# Roboinvest



## Timmy (2 August 2012)

This is interesting ... *Roboinvest*:


> Roboinvest is a social investing platform that allows anyone to “look over the shoulder” of top investors in real time.
> 
> With web, iPhone and Android apps, Roboinvest allows top investors called ‘leaders’ to accept followers *who pay* to see what they are investing in. This is an entirely new financial data stream being made available in an easy, convenient delivery method.
> 
> Referred to by CNNMoney as a ‘broadcast-your-trades’ system, Roboinvest increases the odds of investing successfully by getting to see what the ‘gurus’ are investing in.
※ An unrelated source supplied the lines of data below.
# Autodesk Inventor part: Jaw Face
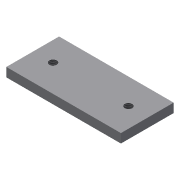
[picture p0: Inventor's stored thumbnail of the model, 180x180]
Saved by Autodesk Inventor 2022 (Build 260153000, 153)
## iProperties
Created: 2002-02
Part Number: Jaw Face
Document SubType Name: Modeling
Designer: ***
Density: 1 g/cm^3
Material: Generic
Mass: 15.6207 g
Surface Area: 67.651 cm^2
Volume: 15.6207 cm^3
Appearance: Default
Control State: 0
Master: False
Checked Out: False
Shininess: 77.0
Length Units: 11269
Angle Units: 11279
Time Units: 11290
Mass Units: 11283
Length Display Precision: 3
Angle Display Precision: 2
Compacted: True
Density: 0.0
Volumn: 0.0
Area: 0.0
PropertySet Name: Model Information
Author: ***
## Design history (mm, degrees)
sketch "Sketch1"
  geometry: L1 (-79.661, -8.43)-(-3.661, -8.43); L2 (-3.661, -8.43)-(-3.661, -43.43); L3 (-3.661, -43.43)-(-79.661, -43.43); L4 (-79.661, -43.43)-(-79.661, -8.43)
  constraints: 8 end point, 2 parallel, 1 horizontal, 1 perpendicular
  dimensions: "d0" = 76 distance of L2.end L3.end; "d3" = 35 distance of L1.end L2.end
extrude "Extrusion1" new body sketch "Sketch1" stored distance "d7" = 6; taper "d8" = 0 deg
hole "Hole1" diameter "d11" = 4.917; stored, may be unused: countersink angle "d15" = 90 deg, drill point angle "d17" = 118 deg; dims "d9" = 13, "d10" = 18, "d12" = 12, "d13" = 4, "d14" = 2, "d16" = 17.1
pattern_linear "Rectangular Pattern1" dims "d20" = -50
body "Solid1"

(Bolding in quote is mine)

I'm trying to keep an open mind ... but I can't see how this will not end in tears for hapless 'followers'. 
But, maybe I'm wrong.

https://www.roboinvest.com/
https://www.roboinvest.com/about/


----------



## CanOz (2 August 2012)

Honestly, in these days there are only a handful that are really doing anything that generates a yeild...Everyone is struggling...

Nick had a graphic up on his forum about how big hedge funds draw downs were a couple of months ago, most were well over 20% from memory.

Yeah i guess i skeptical...

CanOz


----------



## So_Cynical (2 August 2012)

Timmy said:


> This is interesting ... *Roboinvest*:
> 
> 
> (Bolding in quote is mine)
> ...




etoro (the sponsors of this months stock tipping comp) do pretty much the same thing just restricted to there platform.

http://en.wikipedia.org/wiki/EToro
http://www.etoro.com.au/

At etoro the leaders are called gurus, and account holders are encouraged to "follow" and or "copy" them, copying is easy done in the trading screen where you just assign a dollar amount or % to copy their trades...funny when you look at some gurus profiles you can see all their trades and open positions and all of the top guns have big losing open positions.

They don't seem to want to close out losers cos it will make their winning % look bad.  once they get a certain amount of copiers they get paid a monthly bonus.


----------



## Timmy (3 August 2012)

So_Cynical said:


> funny when you look at some gurus profiles you can see all their trades and open positions and all of the top guns have big losing open positions.
> 
> They don't seem to want to close out losers cos it will make their winning % look bad.  once they get a certain amount of copiers they get paid a monthly bonus.




They don't close out losers?
Is there any mark-to-market*?

Yikes.

---

*Beginners, ask your margin clerk to explain


----------